> WHAT YOU HAVE TO DO
Reproduce all of the data, making sure that no line differs from the original.
SUPPLIED ENTRIES Start Marker
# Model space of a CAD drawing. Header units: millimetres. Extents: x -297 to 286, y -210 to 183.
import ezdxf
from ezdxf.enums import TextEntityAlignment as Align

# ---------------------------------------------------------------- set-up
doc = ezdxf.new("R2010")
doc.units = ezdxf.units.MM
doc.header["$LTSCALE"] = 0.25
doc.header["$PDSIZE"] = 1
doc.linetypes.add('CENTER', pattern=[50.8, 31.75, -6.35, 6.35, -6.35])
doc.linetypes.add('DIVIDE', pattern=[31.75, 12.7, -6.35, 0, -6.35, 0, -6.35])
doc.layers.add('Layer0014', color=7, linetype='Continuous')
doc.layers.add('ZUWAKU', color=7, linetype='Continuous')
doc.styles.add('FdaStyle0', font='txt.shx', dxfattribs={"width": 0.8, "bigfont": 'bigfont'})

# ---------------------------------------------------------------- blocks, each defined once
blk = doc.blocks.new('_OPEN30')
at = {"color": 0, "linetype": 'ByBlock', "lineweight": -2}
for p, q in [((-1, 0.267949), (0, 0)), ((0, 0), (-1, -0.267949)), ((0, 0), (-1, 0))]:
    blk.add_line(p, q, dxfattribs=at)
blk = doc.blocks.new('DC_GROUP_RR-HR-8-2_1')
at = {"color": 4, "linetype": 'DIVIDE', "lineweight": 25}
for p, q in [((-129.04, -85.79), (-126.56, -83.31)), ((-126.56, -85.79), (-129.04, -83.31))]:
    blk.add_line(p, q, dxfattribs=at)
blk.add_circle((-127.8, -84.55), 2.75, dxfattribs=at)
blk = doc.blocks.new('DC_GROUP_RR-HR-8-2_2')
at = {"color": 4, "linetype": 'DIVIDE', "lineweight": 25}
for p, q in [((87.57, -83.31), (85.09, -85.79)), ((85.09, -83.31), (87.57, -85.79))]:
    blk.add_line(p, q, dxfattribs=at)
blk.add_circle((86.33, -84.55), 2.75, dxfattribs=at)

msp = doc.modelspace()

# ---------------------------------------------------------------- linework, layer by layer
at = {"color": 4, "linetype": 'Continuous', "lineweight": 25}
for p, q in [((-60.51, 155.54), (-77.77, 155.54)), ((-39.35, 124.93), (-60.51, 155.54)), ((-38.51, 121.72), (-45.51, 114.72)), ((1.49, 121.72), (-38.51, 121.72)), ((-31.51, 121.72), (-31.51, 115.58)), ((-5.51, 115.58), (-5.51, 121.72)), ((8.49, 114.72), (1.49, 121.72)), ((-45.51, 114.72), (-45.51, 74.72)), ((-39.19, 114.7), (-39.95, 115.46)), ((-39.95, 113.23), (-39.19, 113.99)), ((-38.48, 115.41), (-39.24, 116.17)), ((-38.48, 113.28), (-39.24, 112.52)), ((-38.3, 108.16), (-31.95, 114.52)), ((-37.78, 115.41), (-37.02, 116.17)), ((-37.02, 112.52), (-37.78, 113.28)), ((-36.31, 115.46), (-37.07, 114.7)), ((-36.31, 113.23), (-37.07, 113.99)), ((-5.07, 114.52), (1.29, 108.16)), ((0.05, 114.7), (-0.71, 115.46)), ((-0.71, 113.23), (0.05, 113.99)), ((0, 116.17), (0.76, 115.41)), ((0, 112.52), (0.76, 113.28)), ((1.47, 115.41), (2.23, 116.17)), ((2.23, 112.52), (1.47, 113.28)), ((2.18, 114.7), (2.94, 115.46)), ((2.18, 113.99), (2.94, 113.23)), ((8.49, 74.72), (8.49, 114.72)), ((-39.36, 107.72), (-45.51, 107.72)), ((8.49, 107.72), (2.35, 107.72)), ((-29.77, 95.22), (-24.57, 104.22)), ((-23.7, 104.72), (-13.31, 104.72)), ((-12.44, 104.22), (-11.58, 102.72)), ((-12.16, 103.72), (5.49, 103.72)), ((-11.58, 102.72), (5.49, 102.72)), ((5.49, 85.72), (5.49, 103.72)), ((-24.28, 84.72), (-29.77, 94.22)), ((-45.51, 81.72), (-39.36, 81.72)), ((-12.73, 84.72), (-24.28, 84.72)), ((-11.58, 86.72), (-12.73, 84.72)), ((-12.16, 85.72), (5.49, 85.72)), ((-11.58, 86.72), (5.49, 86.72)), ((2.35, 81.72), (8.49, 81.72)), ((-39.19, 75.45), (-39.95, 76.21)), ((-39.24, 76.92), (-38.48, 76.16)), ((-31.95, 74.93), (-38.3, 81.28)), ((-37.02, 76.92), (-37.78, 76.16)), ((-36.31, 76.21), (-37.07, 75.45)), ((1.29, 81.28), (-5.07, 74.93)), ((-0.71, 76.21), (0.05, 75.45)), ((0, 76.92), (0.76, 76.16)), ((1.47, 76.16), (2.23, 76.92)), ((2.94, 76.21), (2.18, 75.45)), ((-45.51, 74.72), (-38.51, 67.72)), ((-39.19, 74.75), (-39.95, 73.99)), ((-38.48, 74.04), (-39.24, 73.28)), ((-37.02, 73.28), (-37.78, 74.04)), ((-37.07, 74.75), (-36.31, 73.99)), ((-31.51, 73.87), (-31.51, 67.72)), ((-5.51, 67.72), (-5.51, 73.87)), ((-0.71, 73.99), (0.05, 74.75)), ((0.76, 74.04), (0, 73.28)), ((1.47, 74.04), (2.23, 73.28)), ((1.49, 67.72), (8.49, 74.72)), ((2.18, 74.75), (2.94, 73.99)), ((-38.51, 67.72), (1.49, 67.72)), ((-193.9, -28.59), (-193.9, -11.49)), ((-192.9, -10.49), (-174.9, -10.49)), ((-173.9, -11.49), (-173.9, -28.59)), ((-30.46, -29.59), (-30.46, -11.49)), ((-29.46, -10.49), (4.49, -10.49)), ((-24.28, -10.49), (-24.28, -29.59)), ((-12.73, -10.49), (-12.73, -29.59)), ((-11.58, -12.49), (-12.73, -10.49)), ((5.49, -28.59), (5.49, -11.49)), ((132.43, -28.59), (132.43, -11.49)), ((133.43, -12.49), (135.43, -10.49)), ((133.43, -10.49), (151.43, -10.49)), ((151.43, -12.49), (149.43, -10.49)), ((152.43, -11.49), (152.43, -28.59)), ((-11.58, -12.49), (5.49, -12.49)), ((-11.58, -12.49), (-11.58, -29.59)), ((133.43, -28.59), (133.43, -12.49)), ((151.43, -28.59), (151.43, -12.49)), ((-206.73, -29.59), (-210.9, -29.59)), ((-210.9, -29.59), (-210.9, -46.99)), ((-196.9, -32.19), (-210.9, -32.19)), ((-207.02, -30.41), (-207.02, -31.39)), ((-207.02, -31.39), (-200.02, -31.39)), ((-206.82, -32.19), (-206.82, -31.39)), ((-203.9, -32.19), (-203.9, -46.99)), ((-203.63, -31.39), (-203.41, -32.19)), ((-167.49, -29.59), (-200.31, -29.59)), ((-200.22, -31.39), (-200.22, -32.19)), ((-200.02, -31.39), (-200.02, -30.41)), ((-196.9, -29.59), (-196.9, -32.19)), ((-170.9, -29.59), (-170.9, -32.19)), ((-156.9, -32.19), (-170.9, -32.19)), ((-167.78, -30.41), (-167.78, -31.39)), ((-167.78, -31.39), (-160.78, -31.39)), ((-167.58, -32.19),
SUPPLIED ENTRIES End Marker
> COMPLETED TASK
# Model space of a CAD drawing. Header units: millimetres. Extents: x -297 to 286, y -210 to 183.
import ezdxf
from ezdxf.enums import TextEntityAlignment as Align

# ---------------------------------------------------------------- set-up
doc = ezdxf.new("R2010")
doc.units = ezdxf.units.MM
doc.header["$LTSCALE"] = 0.25
doc.header["$PDSIZE"] = 1
doc.linetypes.add('CENTER', pattern=[50.8, 31.75, -6.35, 6.35, -6.35])
doc.linetypes.add('DIVIDE', pattern=[31.75, 12.7, -6.35, 0, -6.35, 0, -6.35])
doc.layers.add('Layer0014', color=7, linetype='Continuous')
doc.layers.add('ZUWAKU', color=7, linetype='Continuous')
doc.styles.add('FdaStyle0', font='txt.shx', dxfattribs={"width": 0.8, "bigfont": 'bigfont'})

# ---------------------------------------------------------------- blocks, each defined once
blk = doc.blocks.new('_OPEN30')
at = {"color": 0, "linetype": 'ByBlock', "lineweight": -2}
for p, q in [((-1, 0.267949), (0, 0)), ((0, 0), (-1, -0.267949)), ((0, 0), (-1, 0))]:
    blk.add_line(p, q, dxfattribs=at)
blk = doc.blocks.new('DC_GROUP_RR-HR-8-2_1')
at = {"color": 4, "linetype": 'DIVIDE', "lineweight": 25}
for p, q in [((-129.04, -85.79), (-126.56, -83.31)), ((-126.56, -85.79), (-129.04, -83.31))]:
    blk.add_line(p, q, dxfattribs=at)
blk.add_circle((-127.8, -84.55), 2.75, dxfattribs=at)
blk = doc.blocks.new('DC_GROUP_RR-HR-8-2_2')
at = {"color": 4, "linetype": 'DIVIDE', "lineweight": 25}
for p, q in [((87.57, -83.31), (85.09, -85.79)), ((85.09, -83.31), (87.57, -85.79))]:
    blk.add_line(p, q, dxfattribs=at)
blk.add_circle((86.33, -84.55), 2.75, dxfattribs=at)

msp = doc.modelspace()

# ---------------------------------------------------------------- linework, layer by layer
at = {"color": 4, "linetype": 'Continuous', "lineweight": 25}
for p, q in [((-60.51, 155.54), (-77.77, 155.54)), ((-39.35, 124.93), (-60.51, 155.54)), ((-38.51, 121.72), (-45.51, 114.72)), ((1.49, 121.72), (-38.51, 121.72)), ((-31.51, 121.72), (-31.51, 115.58)), ((-5.51, 115.58), (-5.51, 121.72)), ((8.49, 114.72), (1.49, 121.72)), ((-45.51, 114.72), (-45.51, 74.72)), ((-39.19, 114.7), (-39.95, 115.46)), ((-39.95, 113.23), (-39.19, 113.99)), ((-38.48, 115.41), (-39.24, 116.17)), ((-38.48, 113.28), (-39.24, 112.52)), ((-38.3, 108.16), (-31.95, 114.52)), ((-37.78, 115.41), (-37.02, 116.17)), ((-37.02, 112.52), (-37.78, 113.28)), ((-36.31, 115.46), (-37.07, 114.7)), ((-36.31, 113.23), (-37.07, 113.99)), ((-5.07, 114.52), (1.29, 108.16)), ((0.05, 114.7), (-0.71, 115.46)), ((-0.71, 113.23), (0.05, 113.99)), ((0, 116.17), (0.76, 115.41)), ((0, 112.52), (0.76, 113.28)), ((1.47, 115.41), (2.23, 116.17)), ((2.23, 112.52), (1.47, 113.28)), ((2.18, 114.7), (2.94, 115.46)), ((2.18, 113.99), (2.94, 113.23)), ((8.49, 74.72), (8.49, 114.72)), ((-39.36, 107.72), (-45.51, 107.72)), ((8.49, 107.72), (2.35, 107.72)), ((-29.77, 95.22), (-24.57, 104.22)), ((-23.7, 104.72), (-13.31, 104.72)), ((-12.44, 104.22), (-11.58, 102.72)), ((-12.16, 103.72), (5.49, 103.72)), ((-11.58, 102.72), (5.49, 102.72)), ((5.49, 85.72), (5.49, 103.72)), ((-24.28, 84.72), (-29.77, 94.22)), ((-45.51, 81.72), (-39.36, 81.72)), ((-12.73, 84.72), (-24.28, 84.72)), ((-11.58, 86.72), (-12.73, 84.72)), ((-12.16, 85.72), (5.49, 85.72)), ((-11.58, 86.72), (5.49, 86.72)), ((2.35, 81.72), (8.49, 81.72)), ((-39.19, 75.45), (-39.95, 76.21)), ((-39.24, 76.92), (-38.48, 76.16)), ((-31.95, 74.93), (-38.3, 81.28)), ((-37.02, 76.92), (-37.78, 76.16)), ((-36.31, 76.21), (-37.07, 75.45)), ((1.29, 81.28), (-5.07, 74.93)), ((-0.71, 76.21), (0.05, 75.45)), ((0, 76.92), (0.76, 76.16)), ((1.47, 76.16), (2.23, 76.92)), ((2.94, 76.21), (2.18, 75.45)), ((-45.51, 74.72), (-38.51, 67.72)), ((-39.19, 74.75), (-39.95, 73.99)), ((-38.48, 74.04), (-39.24, 73.28)), ((-37.02, 73.28), (-37.78, 74.04)), ((-37.07, 74.75), (-36.31, 73.99)), ((-31.51, 73.87), (-31.51, 67.72)), ((-5.51, 67.72), (-5.51, 73.87)), ((-0.71, 73.99), (0.05, 74.75)), ((0.76, 74.04), (0, 73.28)), ((1.47, 74.04), (2.23, 73.28)), ((1.49, 67.72), (8.49, 74.72)), ((2.18, 74.75), (2.94, 73.99)), ((-38.51, 67.72), (1.49, 67.72)), ((-193.9, -28.59), (-193.9, -11.49)), ((-192.9, -10.49), (-174.9, -10.49)), ((-173.9, -11.49), (-173.9, -28.59)), ((-30.46, -29.59), (-30.46, -11.49)), ((-29.46, -10.49), (4.49, -10.49)), ((-24.28, -10.49), (-24.28, -29.59)), ((-12.73, -10.49), (-12.73, -29.59)), ((-11.58, -12.49), (-12.73, -10.49)), ((5.49, -28.59), (5.49, -11.49)), ((132.43, -28.59), (132.43, -11.49)), ((133.43, -12.49), (135.43, -10.49)), ((133.43, -10.49), (151.43, -10.49)), ((151.43, -12.49), (149.43, -10.49)), ((152.43, -11.49), (152.43, -28.59)), ((-11.58, -12.49), (5.49, -12.49)), ((-11.58, -12.49), (-11.58, -29.59)), ((133.43, -28.59), (133.43, -12.49)), ((151.43, -28.59), (151.43, -12.49)), ((-206.73, -29.59), (-210.9, -29.59)), ((-210.9, -29.59), (-210.9, -46.99)), ((-196.9, -32.19), (-210.9, -32.19)), ((-207.02, -30.41), (-207.02, -31.39)), ((-207.02, -31.39), (-200.02, -31.39)), ((-206.82, -32.19), (-206.82, -31.39)), ((-203.9, -32.19), (-203.9, -46.99)), ((-203.63, -31.39), (-203.41, -32.19)), ((-167.49, -29.59), (-200.31, -29.59)), ((-200.22, -31.39), (-200.22, -32.19)), ((-200.02, -31.39), (-200.02, -30.41)), ((-196.9, -29.59), (-196.9, -32.19)), ((-170.9, -29.59), (-170.9, -32.19)), ((-156.9, -32.19), (-170.9, -32.19)), ((-167.78, -30.41), (-167.78, -31.39)), ((-167.78, -31.39), (-160.78, -31.39)), ((-167.58, -32.19),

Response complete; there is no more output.